The CID were also getting results. It was the first time they had participated in a vehicle check. A tanker vehicle was found to be using an excise licence which had been stolen in Liverpool.

Portsmouth immigration officer Peter Gourson had not had a fruitful day but was pleased to have been involved in the exercise. He explained what he looks for: "Hitch-hikers are picked up and brought into the country in the cab. It can be a very profitable exercise for a driver to bring immigrants into the country, but there are also cases where the driver is unaware that the trailer has been broken into and there is a person hiding in the load."

Traffic unit Detective constable Chris Ross, formerly in the Hampshire traffic unit, was from the freight division of Special Branch. There was little in the way of spoils for him on this day either: "As a unit we are particularly interested in RO-RO traffic to and from Ireland, he says." A notable success in the freight division's first year was the discovery by customs officers of £250,000 worth of drugs on a goods vehicle which had been stopped by the division.

It is a small part of a national Special Branch network, set up in January 1993 to track freight movements after the introduction of the single market. Since the EC single market began last year, vehicle checks of foreign vehicles leaving Portsmouth Docks require greater planning Customs inspections no longer provide the delays which used to stagger the number of vehicles leaving the docks and which gave the police a trickle of likely punters.
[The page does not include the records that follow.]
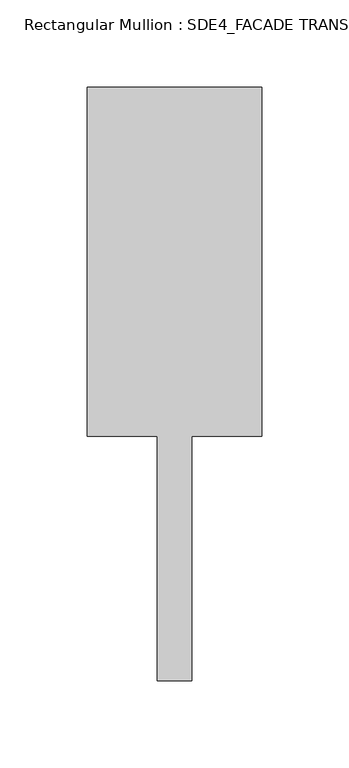
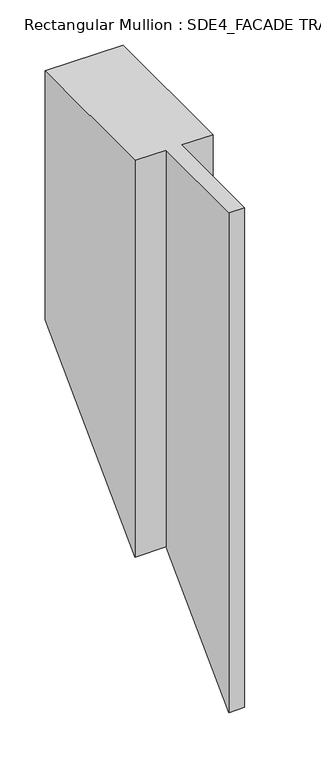
"""IFC4 building model written with IfcOpenShell, lengths in millimetres: member geometry, Rectangular Mullion : SDE4_FACADE TRANSOM TYPE 1."""

from ifc_helpers import new_model, si_unit, origin, place, context, project, spatial, faceted_brep, source, transform, mapped, element, save


def rectangular_mullion_sde4_facade_transom_type_1_ac9d8054(model_context):
    return source(origin(), model_context, "Body", "Brep", [
        faceted_brep([(50.0, 132.5, 0.0), (-50.0, 132.5, 0.0), (-50.0, -67.5, 0.0), (-10.0, -67.5, 0.0), (-10.0, -207.5, 0.0), (10.0, -207.5, 0.0), (10.0, -67.5, 0.0), (50.0, -67.5, 0.0), (50.0, 132.5, -337.5), (-50.0, 132.5, -337.5), (-50.0, -67.5, -537.5), (-10.0, -67.5, -537.5), (-10.0, -207.5, -677.5), (10.0, -207.5, -677.5), (10.0, -67.5, -537.5), (50.0, -67.5, -537.5)], [[[0, 1, 2, 3, 4, 5, 6, 7]], [[1, 0, 8, 9]], [[2, 1, 9, 10]], [[3, 2, 10, 11]], [[4, 3, 11, 12]], [[5, 4, 12, 13]], [[6, 5, 13, 14]], [[7, 6, 14, 15]], [[0, 7, 15, 8]], [[8, 15, 14, 13, 12, 11, 10, 9]]]),
    ])


if __name__ == "__main__":
    model = new_model("IFC4")
    model_context = context("Model", 3, world=origin())
    ifc_project = project(units=[si_unit("LENGTHUNIT", "METRE", prefix="MILLI")], contexts=[model_context])
    site = spatial("IfcSite", under=ifc_project)
    building = spatial("IfcBuilding", under=site)
    placement = place(None, origin())
    rectangular_mullion_sde4_facade_transom_type_1_shape = rectangular_mullion_sde4_facade_transom_type_1_ac9d8054(model_context)
    element("IfcMember", 1, ObjectType="Rectangular Mullion : SDE4_FACADE TRANSOM TYPE 1", at=placement, inside=building, context=model_context, shape_type="MappedRepresentation", body=[
        mapped(rectangular_mullion_sde4_facade_transom_type_1_shape, transform((0.0, 0.0, 0.0), x_axis=(1.0, 0.0, 0.0), y_axis=(0.0, 1.0, 0.0), z_axis=(0.0, 0.0, 1.0))),
    ])
    save(model, "model.ifc")

# Revit data of these elements
# Type "Rectangular Mullion : SDE4_FACADE TRANSOM TYPE 1"
#   built-in parameter 1007322 = 1.11549 (stored number, unit not read)
#   built-in parameter 1007321 = 0.164042 (stored number, unit not read)
#   built-in parameter 1007320 = 0.164042 (stored number, unit not read)

"Since the border restrictions were relaxed, the vehicles literally come straight off the boat and straight out of the docks," says Kieron Parsons. At this time of the year, many are laden with satsumas bound for Covent Garden market and quite often are heavily overladen. "The fine they are likely to get might not be that great, but if they are found to be overweight, and consequently delayed, the eventual rate for their goods could be less," he says.

But he concedes that if such operators can put an extra couple of tonnes on their vehicles each day, at the risk of being stopped very rarely, then they might say it is worth all the aggravation. "At the end of the day it is about resources. If the offence rate fell markedly, we could stop doing these checks and divert the resources to other things. But while it is still up around 509 we must continue."